Kelly Criterion

Kelly Criterion And Bankroll Management

The Kelly Criterion is an increasingly used betting strategy that seeks to maximise profitability by determining stake sized based upon the perceived value edge over the odds on offer. The Kelly Criterion computes the optimal amount to be placed upon a bet, with the larger the edge, the bigger the stake.

The system works on the assumption of a fixed bankroll, from which a percentage for each bet will be derived.  Advantageous odds with overlays are leveraged in your favour with the Kelly Criterion – the approach ensures that you don’t bet so much to jeopardise your bankroll, but you don’t bet too little to stunt its growth.

The Kelly staking plan can be calculated using the following formula:

s = ((p -1) * (q)) – (1-q) / (p-1) x 100

s denotes the % of bank to be staked
p denotes the decimal odds of a selection
q denotes the percentage estimate chance of the selection (must be displayed as a decimal –i.e. 40% would be 0.4)


It can seem fairly complicated at first but is based upon sound logic.

Example. We have a horse available at odds of 3.0 (33.33% chance of winning), but we believe the true odds of success are 2.50 (40% chance of winning).

s = ((3.0 -1) * (0.4)) – (1-0.4) / (3-1) * 100
s = (2 * 0.4) – (0.6) / 2 *100
s = (0.2)/2 *100
s= 10%

The Kelly Staking Plan suggests that we should stake 10% of our betting bank on the selection, based on our edge.

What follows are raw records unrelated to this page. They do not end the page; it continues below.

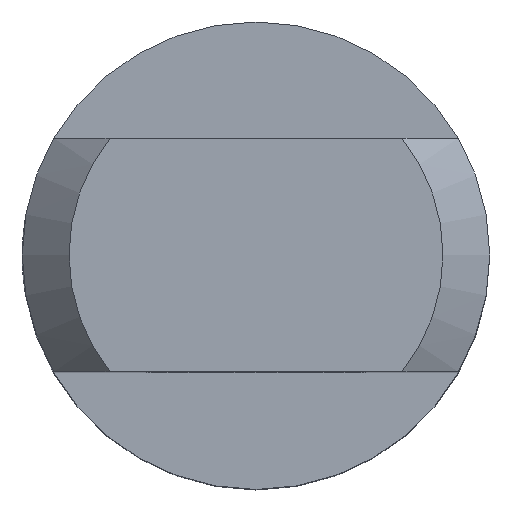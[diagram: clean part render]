
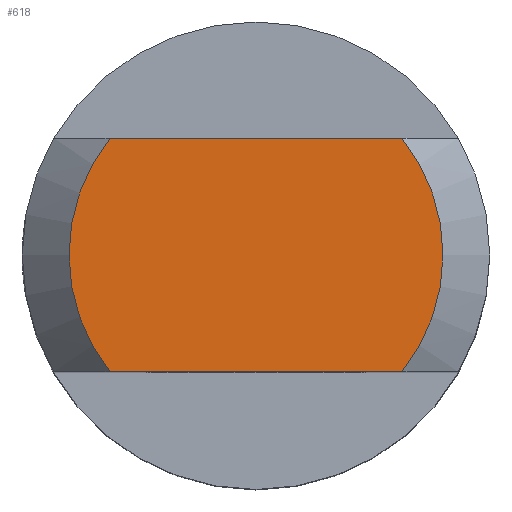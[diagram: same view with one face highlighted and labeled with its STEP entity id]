
A CAD part, top view. The second image highlights one B-rep face of the part: STEP entity #618.
In plain terms, the highlighted planar face has unit normal (0, 0, 1).
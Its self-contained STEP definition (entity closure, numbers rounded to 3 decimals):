
#3 = ORIENTED_EDGE ( 'NONE', *, *, #399, .T. ) ;
#17 = EDGE_CURVE ( 'NONE', #416, #664, #202, .T. ) ;
#18 = CARTESIAN_POINT ( 'NONE',  ( 12.5, -7.5, 196. ) ) ;
#56 = CARTESIAN_POINT ( 'NONE',  ( -12.5, 7.5, 196. ) ) ;
#60 = DIRECTION ( 'NONE',  ( 0., 0., -1. ) ) ;
#68 = VERTEX_POINT ( 'NONE', #184 ) ;
#103 = AXIS2_PLACEMENT_3D ( 'NONE', #548, #60, #811 ) ;
#111 = PLANE ( 'NONE',  #103 ) ;
#115 = DIRECTION ( 'NONE',  ( 0., 0., -1. ) ) ;
#129 = DIRECTION ( 'NONE',  ( -1., 0., 0. ) ) ;
#137 = EDGE_CURVE ( 'NONE', #68, #523, #213, .T. ) ;
#184 = CARTESIAN_POINT ( 'NONE',  ( 9.367, 7.5, 196. ) ) ;
#202 = CIRCLE ( 'NONE', #595, 12. ) ;
#213 = CIRCLE ( 'NONE', #442, 12. ) ;
#216 = ORIENTED_EDGE ( 'NONE', *, *, #137, .F. ) ;
#268 = EDGE_LOOP ( 'NONE', ( #216, #3, #398, #483 ) ) ;
#294 = VECTOR ( 'NONE', #129, 1000. ) ;
#315 = LINE ( 'NONE', #56, #294 ) ;
#357 = CARTESIAN_POINT ( 'NONE',  ( 0., 0., 196. ) ) ;
#369 = CARTESIAN_POINT ( 'NONE',  ( -9.367, 7.5, 196. ) ) ;
#398 = ORIENTED_EDGE ( 'NONE', *, *, #17, .F. ) ;
#399 = EDGE_CURVE ( 'NONE', #68, #664, #315, .T. ) ;
#416 = VERTEX_POINT ( 'NONE', #755 ) ;
#442 = AXIS2_PLACEMENT_3D ( 'NONE', #357, #757, #685 ) ;
#481 = CARTESIAN_POINT ( 'NONE',  ( 0., 0., 196. ) ) ;
#483 = ORIENTED_EDGE ( 'NONE', *, *, #543, .T. ) ;
#523 = VERTEX_POINT ( 'NONE', #588 ) ;
#543 = EDGE_CURVE ( 'NONE', #416, #523, #591, .T. ) ;
#548 = CARTESIAN_POINT ( 'NONE',  ( 0., 0., 196. ) ) ;
#588 = CARTESIAN_POINT ( 'NONE',  ( 9.367, -7.5, 196. ) ) ;
#591 = LINE ( 'NONE', #18, #594 ) ;
#594 = VECTOR ( 'NONE', #661, 1000. ) ;
#595 = AXIS2_PLACEMENT_3D ( 'NONE', #481, #115, #611 ) ;
#611 = DIRECTION ( 'NONE',  ( 0., 1., 0. ) ) ;
#618 = ADVANCED_FACE ( 'NONE', ( #759 ), #111, .F. ) ;
#661 = DIRECTION ( 'NONE',  ( 1., 0., 0. ) ) ;
#664 = VERTEX_POINT ( 'NONE', #369 ) ;
#685 = DIRECTION ( 'NONE',  ( 0., 1., 0. ) ) ;
#755 = CARTESIAN_POINT ( 'NONE',  ( -9.367, -7.5, 196. ) ) ;
#757 = DIRECTION ( 'NONE',  ( 0., 0., -1. ) ) ;
#759 = FACE_OUTER_BOUND ( 'NONE', #268, .T. ) ;
#811 = DIRECTION ( 'NONE',  ( -1., 0., 0. ) ) ;
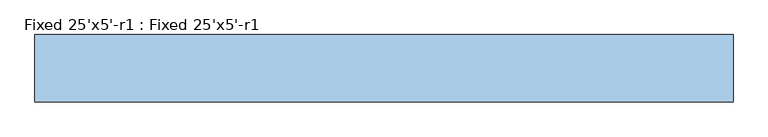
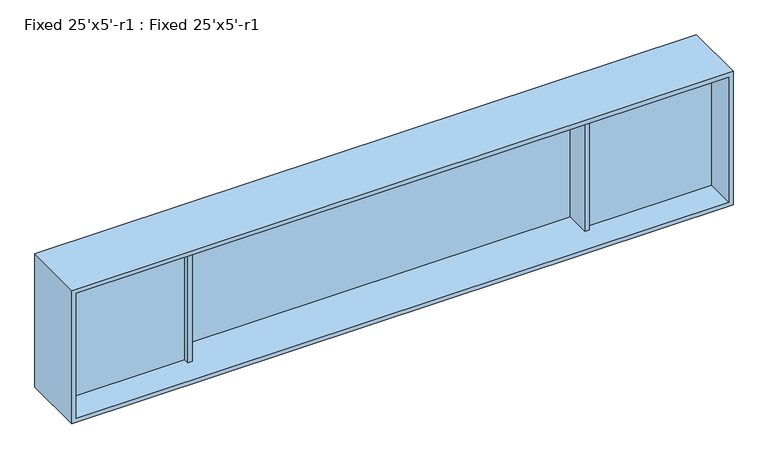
"""IFC4 building model written with IfcOpenShell, lengths in millimetres: window geometry, Fixed 25'x5'-r1 : Fixed 25'x5'-r1."""

from ifc_helpers import new_model, si_unit, frame, origin, place, context, project, spatial, polyline, outline, extrude, source, transform, mapped, element, save


def fixed_25_x5_r1_fixed_25_x5_r1_81c53d64(model_context):
    return source(origin(), model_context, "Body", "SweptSolid", [
        extrude(outline(polyline([(-2514.6, 304.8), (2006.6, 304.8), (2006.6, 292.1), (-2514.6, 292.1), (-2514.6, 304.8)])), frame((0.0, 0.0, 914.4), z_axis=(0.0, 0.0, 1.0), x_axis=(1.0, 0.0, 0.0)), (0.0, 0.0, 1.0), 1524.0),
        extrude(outline(polyline([(2057.4, 76.2), (3505.2, 76.2), (3505.2, 63.5), (2057.4, 63.5), (2057.4, 76.2)])), frame((0.0, 0.0, 914.4), z_axis=(0.0, 0.0, 1.0), x_axis=(1.0, 0.0, 0.0)), (0.0, 0.0, 1.0), 1524.0),
        extrude(outline(polyline([(-4013.2, 76.2), (-2565.4, 76.2), (-2565.4, 63.5), (-4013.2, 63.5), (-4013.2, 76.2)])), frame((0.0, 0.0, 914.4), z_axis=(0.0, 0.0, 1.0), x_axis=(1.0, 0.0, 0.0)), (0.0, 0.0, 1.0), 1524.0),
        extrude(outline(polyline([(2006.6, 304.8), (2057.4, 304.8), (2057.4, 0.0), (2006.6, 0.0), (2006.6, 304.8)])), frame((0.0, 0.0, 914.4), z_axis=(0.0, 0.0, 1.0), x_axis=(1.0, 0.0, 0.0)), (0.0, 0.0, 1.0), 1524.0),
        extrude(outline(polyline([(-2565.4, 304.8), (-2514.6, 304.8), (-2514.6, 0.0), (-2565.4, 0.0), (-2565.4, 304.8)])), frame((0.0, 0.0, 914.4), z_axis=(0.0, 0.0, 1.0), x_axis=(1.0, 0.0, 0.0)), (0.0, 0.0, 1.0), 1524.0),
        extrude(outline(polyline([(2489.2, -4064.0), (863.6, -4064.0), (863.6, 3556.0), (2489.2, 3556.0), (2489.2, -4064.0)]), holes=[polyline([(2438.4, -4013.2), (2438.4, 3505.2), (914.4, 3505.2), (914.4, -4013.2), (2438.4, -4013.2)])]), frame((0.0, -277.8125, 0.0), z_axis=(0.0, 1.0, 0.0), x_axis=(0.0, 0.0, 1.0)), (0.0, 0.0, 1.0), 735.0125),
    ])


if __name__ == "__main__":
    model = new_model("IFC4")
    model_context = context("Model", 3, world=origin())
    ifc_project = project(units=[si_unit("LENGTHUNIT", "METRE", prefix="MILLI")], contexts=[model_context])
    site = spatial("IfcSite", under=ifc_project)
    building = spatial("IfcBuilding", under=site)
    placement = place(None, origin())
    fixed_25_x5_r1_fixed_25_x5_r1_shape = fixed_25_x5_r1_fixed_25_x5_r1_81c53d64(model_context)
    element("IfcWindow", 1, ObjectType="Fixed 25'x5'-r1 : Fixed 25'x5'-r1", at=placement, inside=building, context=model_context, shape_type="MappedRepresentation", body=[
        mapped(fixed_25_x5_r1_fixed_25_x5_r1_shape, transform((0.0, 0.0, 0.0), x_axis=(1.0, 0.0, 0.0), y_axis=(0.0, 1.0, 0.0), z_axis=(0.0, 0.0, 1.0))),
    ])
    save(model, "model.ifc")

The plan is based upon sound mathematical principles that extenuate profit levels, but staking 10% of a betting bank can be difficult to execute for the more risk averse bettor. Consequently, some adopt the Kelly Criterion, but divide the final stake by 2 or 4.

The Kelly Criterion method of staking is a sound approach, but the issue is defining your edge, as it is simply a matter of judgement. As per the example above, if you believe your selection to be a 40% chance, when in fact it is a 36% chance, you will be over staking. The opposite also applies, and bets can be under staked if the edge is underestimated.